Records from a data collection:
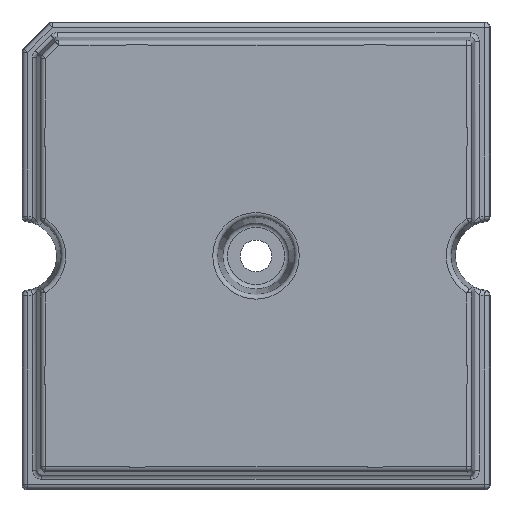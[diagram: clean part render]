
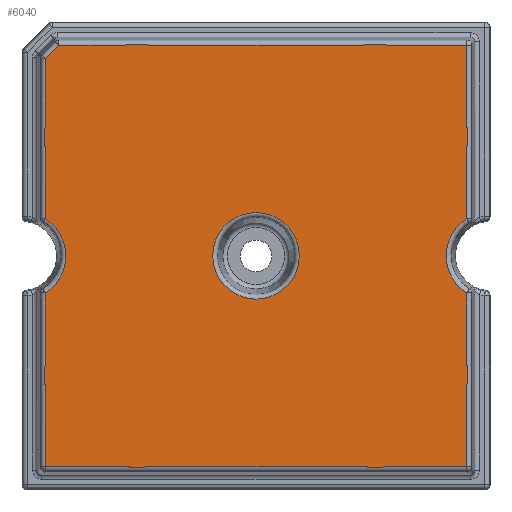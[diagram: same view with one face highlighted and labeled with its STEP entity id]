
A CAD part, top view. The second image highlights one B-rep face of the part: STEP entity #6040.
In plain terms, the highlighted planar face has unit normal (0, 0, 1).
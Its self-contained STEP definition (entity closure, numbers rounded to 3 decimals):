
#551=LINE('',#11641,#886);
#552=LINE('',#11646,#887);
#553=LINE('',#11647,#888);
#554=LINE('',#11651,#889);
#555=LINE('',#11652,#890);
#556=LINE('',#11654,#891);
#557=LINE('',#11655,#892);
#558=LINE('',#11656,#893);
#559=LINE('',#11658,#894);
#560=LINE('',#11659,#895);
#561=LINE('',#11663,#896);
#562=LINE('',#11664,#897);
#563=LINE('',#11666,#898);
#564=LINE('',#11667,#899);
#565=LINE('',#11668,#900);
#886=VECTOR('',#8065,1000.);
#887=VECTOR('',#8072,1000.);
#888=VECTOR('',#8073,1000.);
#889=VECTOR('',#8080,1000.);
#890=VECTOR('',#8081,1000.);
#891=VECTOR('',#8084,1000.);
#892=VECTOR('',#8085,1000.);
#893=VECTOR('',#8086,1000.);
#894=VECTOR('',#8089,1000.);
#895=VECTOR('',#8090,1000.);
#896=VECTOR('',#8097,1000.);
#897=VECTOR('',#8098,1000.);
#898=VECTOR('',#8101,1000.);
#899=VECTOR('',#8102,1000.);
#900=VECTOR('',#8103,1000.);
#1072=PLANE('',#6626);
#1102=CIRCLE('',#6124,9.9);
#1103=CIRCLE('',#6126,9.9);
#1104=CIRCLE('',#6128,9.9);
#1105=CIRCLE('',#6130,9.9);
#1106=CIRCLE('',#6132,9.9);
#1107=CIRCLE('',#6134,9.9);
#1108=CIRCLE('',#6136,9.9);
#1109=CIRCLE('',#6138,9.9);
#1286=CIRCLE('',#6615,4.623);
#1287=CIRCLE('',#6618,4.678);
#1288=CIRCLE('',#6623,4.678);
#2983=ORIENTED_EDGE('',*,*,#3886,.T.);
#2984=ORIENTED_EDGE('',*,*,#3159,.F.);
#2985=ORIENTED_EDGE('',*,*,#3887,.T.);
#2986=ORIENTED_EDGE('',*,*,#3885,.T.);
#2987=ORIENTED_EDGE('',*,*,#3883,.T.);
#2988=ORIENTED_EDGE('',*,*,#3167,.F.);
#2989=ORIENTED_EDGE('',*,*,#3884,.T.);
#2990=ORIENTED_EDGE('',*,*,#3896,.T.);
#2991=ORIENTED_EDGE('',*,*,#3165,.F.);
#2992=ORIENTED_EDGE('',*,*,#3898,.T.);
#2993=ORIENTED_EDGE('',*,*,#3155,.F.);
#2994=ORIENTED_EDGE('',*,*,#3897,.T.);
#2995=ORIENTED_EDGE('',*,*,#3881,.T.);
#2996=ORIENTED_EDGE('',*,*,#3894,.T.);
#2997=ORIENTED_EDGE('',*,*,#3153,.F.);
#2998=ORIENTED_EDGE('',*,*,#3895,.T.);
#2999=ORIENTED_EDGE('',*,*,#3893,.T.);
#3000=ORIENTED_EDGE('',*,*,#3891,.T.);
#3001=ORIENTED_EDGE('',*,*,#3163,.F.);
#3002=ORIENTED_EDGE('',*,*,#3892,.T.);
#3003=ORIENTED_EDGE('',*,*,#3889,.T.);
#3004=ORIENTED_EDGE('',*,*,#3161,.F.);
#3005=ORIENTED_EDGE('',*,*,#3888,.T.);
#3006=ORIENTED_EDGE('',*,*,#3157,.F.);
#3007=ORIENTED_EDGE('',*,*,#3890,.T.);
#3008=ORIENTED_EDGE('',*,*,#3882,.T.);
#3153=EDGE_CURVE('',#3996,#3995,#1102,.F.);
#3155=EDGE_CURVE('',#3998,#3997,#1103,.F.);
#3157=EDGE_CURVE('',#4000,#3999,#1104,.F.);
#3159=EDGE_CURVE('',#4002,#4001,#1105,.F.);
#3161=EDGE_CURVE('',#4004,#4003,#1106,.F.);
#3163=EDGE_CURVE('',#4006,#4005,#1107,.F.);
#3165=EDGE_CURVE('',#4008,#4007,#1108,.F.);
#3167=EDGE_CURVE('',#4010,#4009,#1109,.F.);
#3881=EDGE_CURVE('',#4452,#4451,#551,.T.);
#3882=EDGE_CURVE('',#4458,#4458,#1286,.F.);
#3883=EDGE_CURVE('',#4457,#4009,#552,.T.);
#3884=EDGE_CURVE('',#4010,#4456,#553,.T.);
#3885=EDGE_CURVE('',#4453,#4457,#1287,.F.);
#3886=EDGE_CURVE('',#4454,#4001,#554,.T.);
#3887=EDGE_CURVE('',#4002,#4453,#555,.T.);
#3888=EDGE_CURVE('',#4004,#3999,#556,.T.);
#3889=EDGE_CURVE('',#4455,#4003,#557,.T.);
#3890=EDGE_CURVE('',#4000,#4454,#558,.T.);
#3891=EDGE_CURVE('',#4449,#4005,#559,.T.);
#3892=EDGE_CURVE('',#4006,#4455,#560,.T.);
#3893=EDGE_CURVE('',#4450,#4449,#1288,.F.);
#3894=EDGE_CURVE('',#4451,#3995,#561,.T.);
#3895=EDGE_CURVE('',#3996,#4450,#562,.T.);
#3896=EDGE_CURVE('',#4456,#4007,#563,.T.);
#3897=EDGE_CURVE('',#3998,#4452,#564,.T.);
#3898=EDGE_CURVE('',#4008,#3997,#565,.T.);
#3995=VERTEX_POINT('',#8618);
#3996=VERTEX_POINT('',#8619);
#3997=VERTEX_POINT('',#8626);
#3998=VERTEX_POINT('',#8627);
#3999=VERTEX_POINT('',#8634);
#4000=VERTEX_POINT('',#8635);
#4001=VERTEX_POINT('',#8642);
#4002=VERTEX_POINT('',#8643);
#4003=VERTEX_POINT('',#8650);
#4004=VERTEX_POINT('',#8651);
#4005=VERTEX_POINT('',#8658);
#4006=VERTEX_POINT('',#8659);
#4007=VERTEX_POINT('',#8666);
#4008=VERTEX_POINT('',#8667);
#4009=VERTEX_POINT('',#8674);
#4010=VERTEX_POINT('',#8675);
#4449=VERTEX_POINT('',#11596);
#4450=VERTEX_POINT('',#11600);
#4451=VERTEX_POINT('',#11606);
#4452=VERTEX_POINT('',#11610);
#4453=VERTEX_POINT('',#11616);
#4454=VERTEX_POINT('',#11622);
#4455=VERTEX_POINT('',#11628);
#4456=VERTEX_POINT('',#11632);
#4457=VERTEX_POINT('',#11638);
#4458=VERTEX_POINT('',#11644);
#5167=EDGE_LOOP('',(#2983,#2984,#2985,#2986,#2987,#2988,#2989,#2990,#2991,
#2992,#2993,#2994,#2995,#2996,#2997,#2998,#2999,#3000,#3001,#3002,#3003,
#3004,#3005,#3006,#3007));
#5168=EDGE_LOOP('',(#3008));
#5619=FACE_BOUND('',#5167,.T.);
#5620=FACE_BOUND('',#5168,.T.);
#6040=ADVANCED_FACE('',(#5619,#5620),#1072,.T.);
#6124=AXIS2_PLACEMENT_3D('',#8620,#6807,#6808);
#6126=AXIS2_PLACEMENT_3D('',#8628,#6811,#6812);
#6128=AXIS2_PLACEMENT_3D('',#8636,#6815,#6816);
#6130=AXIS2_PLACEMENT_3D('',#8644,#6819,#6820);
#6132=AXIS2_PLACEMENT_3D('',#8652,#6823,#6824);
#6134=AXIS2_PLACEMENT_3D('',#8660,#6827,#6828);
#6136=AXIS2_PLACEMENT_3D('',#8668,#6831,#6832);
#6138=AXIS2_PLACEMENT_3D('',#8676,#6835,#6836);
#6615=AXIS2_PLACEMENT_3D('',#11643,#8068,#8069);
#6618=AXIS2_PLACEMENT_3D('',#11649,#8076,#8077);
#6623=AXIS2_PLACEMENT_3D('',#11661,#8093,#8094);
#6626=AXIS2_PLACEMENT_3D('',#11669,#8104,#8105);
#6807=DIRECTION('',(0.,0.,1.));
#6808=DIRECTION('',(1.,0.,0.));
#6811=DIRECTION('',(0.,0.,1.));
#6812=DIRECTION('',(1.,0.,0.));
#6815=DIRECTION('',(0.,0.,1.));
#6816=DIRECTION('',(1.,0.,0.));
#6819=DIRECTION('',(0.,0.,1.));
#6820=DIRECTION('',(1.,0.,0.));
#6823=DIRECTION('',(0.,0.,1.));
#6824=DIRECTION('',(1.,0.,0.));
#6827=DIRECTION('',(0.,0.,1.));
#6828=DIRECTION('',(1.,0.,0.));
#6831=DIRECTION('',(0.,0.,1.));
#6832=DIRECTION('',(1.,0.,0.));
#6835=DIRECTION('',(0.,0.,1.));
#6836=DIRECTION('',(1.,0.,0.));
#8065=DIRECTION('',(-0.707,-0.707,0.));
#8068=DIRECTION('',(0.,0.,1.));
#8069=DIRECTION('',(1.,0.,0.));
#8072=DIRECTION('',(0.,1.,0.));
#8073=DIRECTION('',(0.,1.,0.));
#8076=DIRECTION('',(0.,0.,1.));
#8077=DIRECTION('',(1.,0.,0.));
#8080=DIRECTION('',(0.,1.,0.));
#8081=DIRECTION('',(0.,1.,0.));
#8084=DIRECTION('',(1.,0.,0.));
#8085=DIRECTION('',(1.,0.,0.));
#8086=DIRECTION('',(1.,0.,0.));
#8089=DIRECTION('',(0.,-1.,0.));
#8090=DIRECTION('',(0.,-1.,0.));
#8093=DIRECTION('',(0.,0.,1.));
#8094=DIRECTION('',(1.,0.,0.));
#8097=DIRECTION('',(0.,-1.,0.));
#8098=DIRECTION('',(0.,-1.,0.));
#8101=DIRECTION('',(-1.,0.,0.));
#8102=DIRECTION('',(-1.,0.,0.));
#8103=DIRECTION('',(-1.,0.,0.));
#8104=DIRECTION('',(0.,0.,1.));
#8105=DIRECTION('',(0.,-1.,0.));
#8618=CARTESIAN_POINT('',(-22.522,13.937,9.6));
#8619=CARTESIAN_POINT('',(-22.522,11.463,9.6));
#8620=CARTESIAN_POINT('',(-12.7,12.7,9.6));
#8626=CARTESIAN_POINT('',(-11.461,22.522,9.6));
#8627=CARTESIAN_POINT('',(-13.939,22.522,9.6));
#8628=CARTESIAN_POINT('',(-12.7,12.7,9.6));
#8634=CARTESIAN_POINT('',(11.465,-22.522,9.6));
#8635=CARTESIAN_POINT('',(13.935,-22.522,9.6));
#8636=CARTESIAN_POINT('',(12.7,-12.7,9.6));
#8642=CARTESIAN_POINT('',(22.522,-13.937,9.6));
#8643=CARTESIAN_POINT('',(22.522,-11.463,9.6));
#8644=CARTESIAN_POINT('',(12.7,-12.7,9.6));
#8650=CARTESIAN_POINT('',(-13.935,-22.522,9.6));
#8651=CARTESIAN_POINT('',(-11.465,-22.522,9.6));
#8652=CARTESIAN_POINT('',(-12.7,-12.7,9.6));
#8658=CARTESIAN_POINT('',(-22.522,-11.463,9.6));
#8659=CARTESIAN_POINT('',(-22.522,-13.937,9.6));
#8660=CARTESIAN_POINT('',(-12.7,-12.7,9.6));
#8666=CARTESIAN_POINT('',(13.939,22.522,9.6));
#8667=CARTESIAN_POINT('',(11.461,22.522,9.6));
#8668=CARTESIAN_POINT('',(12.7,12.7,9.6));
#8674=CARTESIAN_POINT('',(22.522,11.463,9.6));
#8675=CARTESIAN_POINT('',(22.522,13.937,9.6));
#8676=CARTESIAN_POINT('',(12.7,12.7,9.6));
#11596=CARTESIAN_POINT('',(-22.522,-3.968,9.6));
#11600=CARTESIAN_POINT('',(-22.522,3.968,9.6));
#11606=CARTESIAN_POINT('',(-22.522,21.095,9.6));
#11610=CARTESIAN_POINT('',(-21.095,22.522,9.6));
#11616=CARTESIAN_POINT('',(22.522,-3.968,9.6));
#11622=CARTESIAN_POINT('',(22.522,-22.522,9.6));
#11628=CARTESIAN_POINT('',(-22.522,-22.522,9.6));
#11632=CARTESIAN_POINT('',(22.522,22.522,9.6));
#11638=CARTESIAN_POINT('',(22.522,3.968,9.6));
#11641=CARTESIAN_POINT('',(-21.809,21.809,9.6));
#11643=CARTESIAN_POINT('',(0.,0.,9.6));
#11644=CARTESIAN_POINT('',(4.623,0.,9.6));
#11646=CARTESIAN_POINT('',(22.522,0.,9.6));
#11647=CARTESIAN_POINT('',(22.522,0.,9.6));
#11649=CARTESIAN_POINT('',(25.,0.,9.6));
#11651=CARTESIAN_POINT('',(22.522,0.,9.6));
#11652=CARTESIAN_POINT('',(22.522,0.,9.6));
#11654=CARTESIAN_POINT('',(0.,-22.522,9.6));
#11655=CARTESIAN_POINT('',(0.,-22.522,9.6));
#11656=CARTESIAN_POINT('',(0.,-22.522,9.6));
#11658=CARTESIAN_POINT('',(-22.522,0.,9.6));
#11659=CARTESIAN_POINT('',(-22.522,0.,9.6));
#11661=CARTESIAN_POINT('',(-25.,0.,9.6));
#11663=CARTESIAN_POINT('',(-22.522,0.,9.6));
#11664=CARTESIAN_POINT('',(-22.522,0.,9.6));
#11666=CARTESIAN_POINT('',(0.,22.522,9.6));
#11667=CARTESIAN_POINT('',(0.,22.522,9.6));
#11668=CARTESIAN_POINT('',(0.,22.522,9.6));
#11669=CARTESIAN_POINT('',(0.,0.,9.6));

▶ _ABOUT THIS TASK_: From the first line of the entries above down to the line holding "#899=VECTOR('',#8102,1000.);", quote each line exactly and nothing else, skipping pictures.

▶ _THE COMPLETED TASK_:
[diagram: clean part render]
[diagram: same view with one face highlighted and labeled with its STEP entity id]
A CAD part, top view. The second image highlights one B-rep face of the part: STEP entity #6040.
In plain terms, the highlighted planar face has unit normal (0, 0, 1).
Its self-contained STEP definition (entity closure, numbers rounded to 3 decimals):
#551=LINE('',#11641,#886);
#552=LINE('',#11646,#887);
#553=LINE('',#11647,#888);
#554=LINE('',#11651,#889);
#555=LINE('',#11652,#890);
#556=LINE('',#11654,#891);
#557=LINE('',#11655,#892);
#558=LINE('',#11656,#893);
#559=LINE('',#11658,#894);
#560=LINE('',#11659,#895);
#561=LINE('',#11663,#896);
#562=LINE('',#11664,#897);
#563=LINE('',#11666,#898);
#564=LINE('',#11667,#899);
#565=LINE('',#11668,#900);
#886=VECTOR('',#8065,1000.);
#887=VECTOR('',#8072,1000.);
#888=VECTOR('',#8073,1000.);
#889=VECTOR('',#8080,1000.);
#890=VECTOR('',#8081,1000.);
#891=VECTOR('',#8084,1000.);
#892=VECTOR('',#8085,1000.);
#893=VECTOR('',#8086,1000.);
#894=VECTOR('',#8089,1000.);
#895=VECTOR('',#8090,1000.);
#896=VECTOR('',#8097,1000.);
#897=VECTOR('',#8098,1000.);
#898=VECTOR('',#8101,1000.);
#899=VECTOR('',#8102,1000.);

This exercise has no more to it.